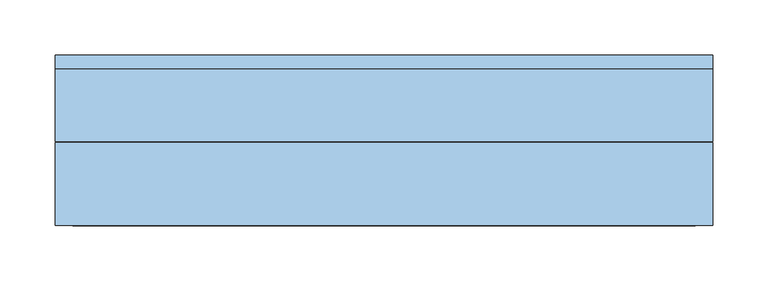
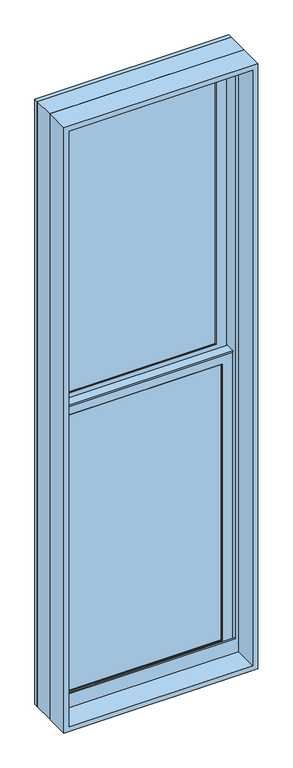
"""IFC4 building model written with IfcOpenShell, lengths in millimetres: window geometry, Window-Double_Hung-Marvin-Essential : ESDH2066."""

from ifc_helpers import new_model, si_unit, frame, origin, place, context, project, spatial, polyline, outline, extrude, faceted_brep, source, transform, mapped, element, save


def window_a4e8a833(model_context):
    return source(origin(), model_context, "Body", "SolidModel", [
        extrude(outline(polyline([(89.9583333, 20.6375), (89.9583333, 15.875), (70.9083333, 15.875), (70.9083333, 20.6375), (89.9583333, 20.6375)])), frame((0.0, 0.0, 527.05), z_axis=(0.0, 0.0, 1.0), x_axis=(1.0, 0.0, 0.0)), (0.0, 0.0, 1.0), 908.05),
        extrude(outline(polyline([(-70.9083333, 20.6375), (-70.9083333, 15.875), (-89.9583333, 15.875), (-89.9583333, 20.6375), (-70.9083333, 20.6375)])), frame((0.0, 0.0, 527.05), z_axis=(0.0, 0.0, 1.0), x_axis=(1.0, 0.0, 0.0)), (0.0, 0.0, 1.0), 908.05),
        extrude(outline(polyline([(241.3, 20.6375), (241.3, 15.875), (-241.3, 15.875), (-241.3, 20.6375), (241.3, 20.6375)])), frame((0.0, 0.0, 971.55), z_axis=(0.0, 0.0, 1.0), x_axis=(1.0, 0.0, 0.0)), (0.0, 0.0, 1.0), 19.05),
        extrude(outline(polyline([(-89.9583333, 46.83125), (-89.9583333, 51.59375), (-70.9083333, 51.59375), (-70.9083333, 46.83125), (-89.9583333, 46.83125)])), frame((0.0, 0.0, 1473.2), z_axis=(0.0, 0.0, 1.0), x_axis=(1.0, 0.0, 0.0)), (0.0, 0.0, 1.0), 908.05),
        extrude(outline(polyline([(70.9083333, 46.83125), (70.9083333, 51.59375), (89.9583333, 51.59375), (89.9583333, 46.83125), (70.9083333, 46.83125)])), frame((0.0, 0.0, 1473.2), z_axis=(0.0, 0.0, 1.0), x_axis=(1.0, 0.0, 0.0)), (0.0, 0.0, 1.0), 908.05),
        extrude(outline(polyline([(-241.3, 46.83125), (-241.3, 51.59375), (241.3, 51.59375), (241.3, 46.83125), (-241.3, 46.83125)])), frame((0.0, 0.0, 1917.7), z_axis=(0.0, 0.0, 1.0), x_axis=(1.0, 0.0, 0.0)), (0.0, 0.0, 1.0), 19.05),
        extrude(outline(polyline([(89.9583333, 20.6375), (70.9083333, 20.6375), (70.9083333, 25.4), (89.9583333, 25.4), (89.9583333, 20.6375)])), frame((0.0, 0.0, 527.05), z_axis=(0.0, 0.0, 1.0), x_axis=(1.0, 0.0, 0.0)), (0.0, 0.0, 1.0), 908.05),
        extrude(outline(polyline([(-70.9083333, 20.6375), (-89.9583333, 20.6375), (-89.9583333, 25.4), (-70.9083333, 25.4), (-70.9083333, 20.6375)])), frame((0.0, 0.0, 527.05), z_axis=(0.0, 0.0, 1.0), x_axis=(1.0, 0.0, 0.0)), (0.0, 0.0, 1.0), 908.05),
        extrude(outline(polyline([(241.3, 20.6375), (-241.3, 20.6375), (-241.3, 25.4), (241.3, 25.4), (241.3, 20.6375)])), frame((0.0, 0.0, 971.55), z_axis=(0.0, 0.0, 1.0), x_axis=(1.0, 0.0, 0.0)), (0.0, 0.0, 1.0), 19.05),
        extrude(outline(polyline([(-89.9583333, 56.35625), (-70.9083333, 56.35625), (-70.9083333, 51.59375), (-89.9583333, 51.59375), (-89.9583333, 56.35625)])), frame((0.0, 0.0, 1473.2), z_axis=(0.0, 0.0, 1.0), x_axis=(1.0, 0.0, 0.0)), (0.0, 0.0, 1.0), 908.05),
        extrude(outline(polyline([(70.9083333, 56.35625), (89.9583333, 56.35625), (89.9583333, 51.59375), (70.9083333, 51.59375), (70.9083333, 56.35625)])), frame((0.0, 0.0, 1473.2), z_axis=(0.0, 0.0, 1.0), x_axis=(1.0, 0.0, 0.0)), (0.0, 0.0, 1.0), 908.05),
        extrude(outline(polyline([(-241.3, 56.35625), (241.3, 56.35625), (241.3, 51.59375), (-241.3, 51.59375), (-241.3, 56.35625)])), frame((0.0, 0.0, 1917.7), z_axis=(0.0, 0.0, 1.0), x_axis=(1.0, 0.0, 0.0)), (0.0, 0.0, 1.0), 19.05),
        faceted_brep([(-268.2875, 5.6780605, 1465.1351748), (-268.2875, 5.6780605, 1460.5), (268.2875, 5.6780605, 1460.5), (268.2875, 5.6780605, 1465.1351748), (-268.2875, 34.8118605, 1465.1351748), (268.2875, 34.8118605, 1465.1351748), (268.2875, 34.8118605, 1460.5), (-268.2875, 34.8118605, 1460.5), (-268.2875, 30.1625, 1460.5), (-268.2875, 30.1625, 500.0625), (-268.2875, 8.9241104, 500.0625), (-268.2875, 8.9241104, 1460.5), (268.2875, 8.9241104, 1460.5), (268.2875, 30.1625, 1460.5), (268.2875, 8.9241104, 500.0625), (268.2875, 30.1625, 500.0625), (-252.4034752, 11.90625, 1446.2034752), (-252.4034752, 30.1625, 1446.2034752), (252.4034752, 30.1625, 1446.2034752), (252.4034752, 11.90625, 1446.2034752), (-235.74375, 10.4662439, 1429.54375), (-235.74375, 11.90625, 1429.54375), (235.74375, 11.90625, 1429.54375), (235.74375, 10.4662439, 1429.54375), (237.2858834, 8.9241104, 1431.0858834), (-237.2858834, 8.9241104, 1431.0858834), (252.4034752, 30.1625, 515.9465248), (252.4034752, 11.90625, 515.9465248), (235.74375, 11.90625, 532.60625), (235.74375, 10.4662439, 532.60625), (237.2858834, 8.9241104, 531.0641166), (-252.4034752, 30.1625, 515.9465248), (-252.4034752, 11.90625, 515.9465248), (-235.74375, 11.90625, 532.60625), (-235.74375, 10.4662439, 532.60625), (-237.2858834, 8.9241104, 531.0641166)], [[[0, 1, 2, 3]], [[4, 5, 6, 7]], [[1, 0, 4, 7, 8, 9, 10, 11]], [[2, 1, 11, 12]], [[7, 6, 13, 8]], [[3, 2, 12, 14, 15, 13, 6, 5]], [[0, 3, 5, 4]], [[16, 17, 18, 19]], [[20, 21, 22, 23]], [[20, 23, 24, 25]], [[19, 18, 26, 27]], [[23, 22, 28, 29]], [[24, 23, 29, 30]], [[27, 26, 31, 32]], [[29, 28, 33, 34]], [[30, 29, 34, 35]], [[15, 14, 10, 9]], [[15, 9, 8, 13], [18, 17, 31, 26]], [[17, 16, 32, 31]], [[16, 19, 27, 32], [22, 21, 33, 28]], [[21, 20, 34, 33]], [[20, 25, 35, 34]], [[10, 14, 12, 11], [25, 24, 30, 35]]]),
        extrude(outline(polyline([(38.5955581, 1446.2125), (33.5778968, 1446.2125), (33.5778968, 1447.8), (39.9405976, 1447.8), (39.9405976, 1446.2125), (61.515625, 1446.2125), (47.6307501, 1442.8975159), (38.5955581, 1442.8975159), (38.5955581, 1446.2125)])), frame((-268.2875, 0.0, 0.0), z_axis=(1.0, 0.0, 0.0), x_axis=(0.0, 1.0, 0.0)), (0.0, 0.0, 1.0), 536.575),
        faceted_brep([(298.45, 0.0, 469.9), (298.45, 0.0, 2438.4), (-298.45, 0.0, 2438.4), (-298.45, 0.0, 469.9), (272.25625, 0.0, 531.01875), (-272.25625, 0.0, 531.01875), (-272.25625, 0.0, 2412.20625), (272.25625, 0.0, 2412.20625), (272.25625, 3.96875, 469.9), (-272.25625, 3.96875, 469.9), (-272.25625, 3.96875, 531.01875), (272.25625, 3.96875, 531.01875), (-298.45, 65.6828125, 469.9), (-272.25625, 65.6828125, 469.9), (272.25625, 65.6828125, 469.9), (298.45, 65.6828125, 469.9), (-298.45, 65.6828125, 2438.4), (298.45, 65.6828125, 2438.4), (272.25625, 65.6828125, 2412.20625), (-272.25625, 65.6828125, 2412.20625)], [[[0, 1, 2, 3], [4, 5, 6, 7]], [[8, 9, 10, 11]], [[5, 4, 11, 10]], [[0, 3, 12, 13, 9, 8, 14, 15]], [[13, 12, 16, 17, 15, 14, 18, 19]], [[13, 19, 6, 5, 10, 9]], [[7, 6, 19, 18]], [[18, 14, 8, 11, 4, 7]], [[1, 0, 15, 17]], [[2, 1, 17, 16]], [[3, 2, 16, 12]]]),
        faceted_brep([(272.25625, 30.1625, 1454.15), (270.66875, 30.1625, 1454.15), (270.66875, 30.1625, 494.2544613), (272.25625, 30.1625, 494.2544613), (-270.66875, 30.1625, 1454.15), (-272.25625, 30.1625, 1454.15), (-272.25625, 30.1625, 494.2544613), (-270.66875, 30.1625, 494.2544613), (270.66875, 63.5, 1454.15), (272.25625, 63.5, 1454.15), (272.25625, 63.5, 487.7743077), (270.66875, 63.5, 487.7743077), (-272.25625, 63.5, 1454.15), (-270.66875, 63.5, 1454.15), (-270.66875, 63.5, 487.7743077), (-272.25625, 63.5, 487.7743077), (283.5108932, 3.96875, 499.3460105), (283.5108932, 3.96875, 469.9), (283.5108932, 65.6828125, 469.9), (283.5108932, 65.6828125, 487.350012), (-283.5108932, 3.96875, 469.9), (-283.5108932, 3.96875, 499.3460105), (-283.5108932, 65.6828125, 487.350012), (-283.5108932, 65.6828125, 469.9), (283.5108932, 78.58125, 484.8428097), (-283.5108932, 78.58125, 484.8428097), (-281.4971252, 68.2348864, 486.8539391), (-263.53135, 68.2348864, 486.8539391), (-263.53135, 65.6828125, 487.350012), (263.53135, 65.6828125, 487.350012), (263.53135, 68.2348864, 486.8539391), (281.4971252, 68.2348864, 486.8539391), (-298.45, 65.6828125, 469.9), (-298.45, 78.5948249, 469.9), (298.45, 78.5948249, 469.9), (298.45, 65.6828125, 469.9), (-298.45, 78.58125, 2438.4), (298.45, 78.58125, 2438.4), (283.5108932, 78.58125, 2423.4608932), (-283.5108932, 78.58125, 2423.4608932), (-298.45, 65.6828125, 2438.4), (-281.4971252, 68.2348864, 2421.4471252), (281.4971252, 68.2348864, 2421.4471252), (263.53135, 68.2348864, 2403.48135), (-263.53135, 68.2348864, 2403.48135), (-263.53135, 65.6828125, 2403.48135), (263.53135, 65.6828125, 2403.48135), (298.45, 65.6828125, 2438.4)], [[[0, 1, 2, 3]], [[4, 5, 6, 7]], [[8, 9, 10, 11]], [[12, 13, 14, 15]], [[1, 8, 11, 2]], [[9, 0, 3, 10]], [[1, 0, 9, 8]], [[5, 4, 13, 12]], [[5, 12, 15, 6]], [[13, 4, 7, 14]], [[16, 17, 18, 19]], [[20, 21, 22, 23]], [[24, 25, 26, 27, 28, 22, 21, 16, 19, 29, 30, 31], [3, 2, 11, 10], [7, 6, 15, 14]], [[17, 16, 21, 20]], [[17, 20, 23, 32, 33, 34, 35, 18]], [[34, 33, 36, 37], [25, 24, 38, 39]], [[33, 32, 40, 36]], [[39, 41, 26, 25]], [[41, 42, 31, 30, 43, 44, 27, 26]], [[44, 45, 28, 27]], [[40, 32, 23, 22, 28, 45, 46, 29, 19, 18, 35, 47]], [[36, 40, 47, 37]], [[39, 38, 42, 41]], [[44, 43, 46, 45]], [[34, 37, 47, 35]], [[42, 38, 24, 31]], [[46, 43, 30, 29]]]),
        extrude(outline(polyline([(248.44375, 11.90625), (-248.44375, 11.90625), (-248.44375, 15.08125), (248.44375, 15.08125), (248.44375, 11.90625)])), frame((0.0, 0.0, 519.90625), z_axis=(0.0, 0.0, 1.0), x_axis=(1.0, 0.0, 0.0)), (0.0, 0.0, 1.0), 922.3375),
        extrude(outline(polyline([(248.44375, 42.8625), (-248.44375, 42.8625), (-248.44375, 46.0375), (248.44375, 46.0375), (248.44375, 42.8625)])), frame((0.0, 0.0, 1466.05625), z_axis=(0.0, 0.0, 1.0), x_axis=(1.0, 0.0, 0.0)), (0.0, 0.0, 1.0), 922.3375),
        faceted_brep([(-235.74375, 31.194477, 1429.54375), (-237.2858834, 32.7366104, 1431.0858834), (237.2858834, 32.7366104, 1431.0858834), (235.74375, 31.194477, 1429.54375), (-235.74375, 30.1625, 1429.54375), (235.74375, 30.1625, 1429.54375), (-268.2875, 32.7366104, 1462.0875), (-268.2875, 30.1625, 1462.0875), (268.2875, 30.1625, 1462.0875), (268.2875, 32.7366104, 1462.0875), (237.2858834, 32.7366104, 531.0641166), (235.74375, 31.194477, 532.60625), (235.74375, 30.1625, 532.60625), (268.2875, 30.1625, 500.0625), (268.2875, 32.7366104, 500.0625), (-237.2858834, 32.7366104, 531.0641166), (-235.74375, 31.194477, 532.60625), (-235.74375, 30.1625, 532.60625), (-268.2875, 30.1625, 500.0625), (-268.2875, 32.7366104, 500.0625)], [[[0, 1, 2, 3]], [[4, 0, 3, 5]], [[6, 7, 8, 9]], [[3, 2, 10, 11]], [[5, 3, 11, 12]], [[9, 8, 13, 14]], [[11, 10, 15, 16]], [[12, 11, 16, 17]], [[14, 13, 18, 19]], [[9, 14, 19, 6], [1, 15, 10, 2]], [[16, 15, 1, 0]], [[17, 16, 0, 4]], [[7, 18, 13, 8], [5, 12, 17, 4]], [[19, 18, 7, 6]]]),
        faceted_brep([(-252.4034752, 42.8625, 2392.3534752), (-252.4034752, 61.11875, 2392.3534752), (252.4034752, 61.11875, 2392.3534752), (252.4034752, 42.8625, 2392.3534752), (-235.74375, 41.4224939, 2375.69375), (-235.74375, 42.8625, 2375.69375), (235.74375, 42.8625, 2375.69375), (235.74375, 41.4224939, 2375.69375), (-237.2858834, 39.8803604, 2377.2358834), (237.2858834, 39.8803604, 2377.2358834), (-268.2875, 61.11875, 2408.2375), (-268.2875, 39.8803604, 2408.2375), (268.2875, 39.8803604, 2408.2375), (268.2875, 61.11875, 2408.2375), (252.4034752, 61.11875, 1462.0965248), (252.4034752, 42.8625, 1462.0965248), (235.74375, 42.8625, 1478.75625), (235.74375, 41.4224939, 1478.75625), (237.2858834, 39.8803604, 1477.2141166), (268.2875, 39.8803604, 1446.2125), (268.2875, 61.11875, 1446.2125), (-252.4034752, 61.11875, 1462.0965248), (-252.4034752, 42.8625, 1462.0965248), (-235.74375, 42.8625, 1478.75625), (-235.74375, 41.4224939, 1478.75625), (-237.2858834, 39.8803604, 1477.2141166), (-268.2875, 39.8803604, 1446.2125), (-268.2875, 61.11875, 1446.2125)], [[[0, 1, 2, 3]], [[4, 5, 6, 7]], [[8, 4, 7, 9]], [[10, 11, 12, 13]], [[3, 2, 14, 15]], [[7, 6, 16, 17]], [[9, 7, 17, 18]], [[13, 12, 19, 20]], [[15, 14, 21, 22]], [[17, 16, 23, 24]], [[18, 17, 24, 25]], [[20, 19, 26, 27]], [[13, 20, 27, 10], [1, 21, 14, 2]], [[22, 21, 1, 0]], [[3, 15, 22, 0], [5, 23, 16, 6]], [[24, 23, 5, 4]], [[25, 24, 4, 8]], [[11, 26, 19, 12], [9, 18, 25, 8]], [[27, 26, 11, 10]]]),
        faceted_brep([(-268.2875, 61.11875, 1446.2125), (-268.2875, 63.6928604, 1446.2125), (268.2875, 63.6928604, 1446.2125), (268.2875, 61.11875, 1446.2125), (-235.74375, 62.150727, 1478.75625), (-235.74375, 61.11875, 1478.75625), (235.74375, 61.11875, 1478.75625), (235.74375, 62.150727, 1478.75625), (-237.2858834, 63.6928604, 1477.2141166), (237.2858834, 63.6928604, 1477.2141166), (268.2875, 63.6928604, 2408.2375), (268.2875, 61.11875, 2408.2375), (235.74375, 61.11875, 2375.69375), (235.74375, 62.150727, 2375.69375), (237.2858834, 63.6928604, 2377.2358834), (-268.2875, 63.6928604, 2408.2375), (-268.2875, 61.11875, 2408.2375), (-235.74375, 61.11875, 2375.69375), (-235.74375, 62.150727, 2375.69375), (-237.2858834, 63.6928604, 2377.2358834)], [[[0, 1, 2, 3]], [[4, 5, 6, 7]], [[8, 4, 7, 9]], [[3, 2, 10, 11]], [[7, 6, 12, 13]], [[9, 7, 13, 14]], [[11, 10, 15, 16]], [[13, 12, 17, 18]], [[14, 13, 18, 19]], [[16, 15, 1, 0]], [[3, 11, 16, 0], [5, 17, 12, 6]], [[18, 17, 5, 4]], [[19, 18, 4, 8]], [[1, 15, 10, 2], [9, 14, 19, 8]]]),
        extrude(outline(polyline([(248.44375, 26.19375), (-248.44375, 26.19375), (-248.44375, 30.1625), (248.44375, 30.1625), (248.44375, 26.19375)])), frame((0.0, 0.0, 519.90625), z_axis=(0.0, 0.0, 1.0), x_axis=(1.0, 0.0, 0.0)), (0.0, 0.0, 1.0), 922.3375),
        extrude(outline(polyline([(248.44375, 57.15), (-248.44375, 57.15), (-248.44375, 61.11875), (248.44375, 61.11875), (248.44375, 57.15)])), frame((0.0, 0.0, 1466.05625), z_axis=(0.0, 0.0, 1.0), x_axis=(1.0, 0.0, 0.0)), (0.0, 0.0, 1.0), 922.3375),
        extrude(outline(polyline([(2438.4, 298.45), (2438.4, -298.45), (469.9, -298.45), (469.9, 298.45), (2438.4, 298.45)]), holes=[polyline([(2422.525, 282.575), (485.775, 282.575), (485.775, -282.575), (2422.525, -282.575), (2422.525, 282.575)])]), frame((0.0, -76.2, 0.0), z_axis=(0.0, 1.0, 0.0), x_axis=(0.0, 0.0, 1.0)), (0.0, 0.0, 1.0), 75.40625),
    ])


if __name__ == "__main__":
    model = new_model("IFC4")
    model_context = context("Model", 3, world=origin())
    ifc_project = project(units=[si_unit("LENGTHUNIT", "METRE", prefix="MILLI")], contexts=[model_context])
    site = spatial("IfcSite", under=ifc_project)
    building = spatial("IfcBuilding", under=site)
    placement = place(None, origin())
    window_shape = window_a4e8a833(model_context)
    element("IfcWindow", 1, ObjectType="Window-Double_Hung-Marvin-Essential : ESDH2066", at=placement, inside=building, context=model_context, shape_type="MappedRepresentation", body=[
        mapped(window_shape, transform((0.0, 0.0, 0.0), x_axis=(1.0, 0.0, 0.0), y_axis=(0.0, 1.0, 0.0), z_axis=(0.0, 0.0, 1.0))),
    ])
    save(model, "model.ifc")

# Revit data of these elements
# Type "Window-Double_Hung-Marvin-Essential : ESDH2066"
#   Type Mark = "83"
#   Window Type = "Essential Double Hung"
#   Product data url = "https://bimobject.com/marvin-windows-and-doors/product/marvin-dhwau"
#   Product Guid = "c4a96547-874c-4385-91dc-a058adc19d98"
#   Frame = "All Ultrex"
#   Egress Window = "No"
#   URL = "www.marvin.com"
#   Model = "ESDH2066"
#   Manufacturer = "Marvin Windows and Doors"
#   Label Egress = ""
#   Glass Type = "IG Low E II with Argon"
#   Design Pressure = "DP40"
#   Description = "2478 DBHG"
#   Analytic Construction = "<None>"
#   Prairie Corner Width = 0' - 4"
#   Prairie Corner Height = 0' - 4"
#   Egress Width = 1' - 8 9/16"
#   Egress Height = 2' - 10 27/128"
#   Rough Width = 2' - 0"
#   Rough Height = 6' - 6"
#   Nominal Width = 2' - 0"
#   Nominal Height = 6' - 6"
#   Inset to Installation Flange [instance default] = 0' - 1"
#   Height = 6' - 5 1/2"
#   Egress Area = 4.88516 SF
#   Default Head Height = 8' - 0"
#   Width = 1' - 11 1/2"
#   Daylight Area = 9.104 SF
#   DLO Width = 1' - 6 9/16"
#   DLO Height = 2' - 11 5/16"
#   Muntins Top Sash = yes
#   Lites Wide Top Sash = 3
#   Lites Wide Bottom Sash = 3
#   Lites High Top Sash = 2
#   Lites High Bottom Sash = 2
#   Lite Cut Prairie 9 = no
#   Lite Cut HV Grid = yes
#   Muntins Bottom Sash = yes
#   Label Visibility = no
#   Jamb Extension Visibility = yes
#   Edition number = 1
#   Interior Material = Ultrex-Marvin-Stonewhite
#   Glazing Material = Glass-Marvin-IG Low E II with Argon
#   Cladding Material = Ultrex-Marvin-Pebblegray
#   Wall Closure = (empty or 0)
#   Assembly Code = ""
# Element 1 (IfcWindow, "Window-Double_Hung-Marvin-Essential : ESDH2066")
#   Materials on its faces: "Ultrex-Marvin-Pebblegray", "Ultrex-Marvin-Stonewhite", "Glass-Marvin-IG Low E II with Argon"
# Materials
#   "Ultrex-Marvin-Stonewhite": class "Paint", colour RGB 250 251 245, transparency 0
#   "Glass-Marvin-IG Low E II with Argon": class "Glass", colour RGB 0 128 192, transparency 0.85
#   "Ultrex-Marvin-Pebblegray": class "Paint", colour RGB 189 185 173, transparency 0

▶ [TASK TO CARRY OUT]:
Scan the material above for lines holding the string "spatial" and copy those lines.

▶ [THE ANSWER]:
from ifc_helpers import new_model, si_unit, frame, origin, place, context, project, spatial, polyline, outline, extrude, faceted_brep, source, transform, mapped, element, save
    site = spatial("IfcSite", under=ifc_project)
    building = spatial("IfcBuilding", under=site)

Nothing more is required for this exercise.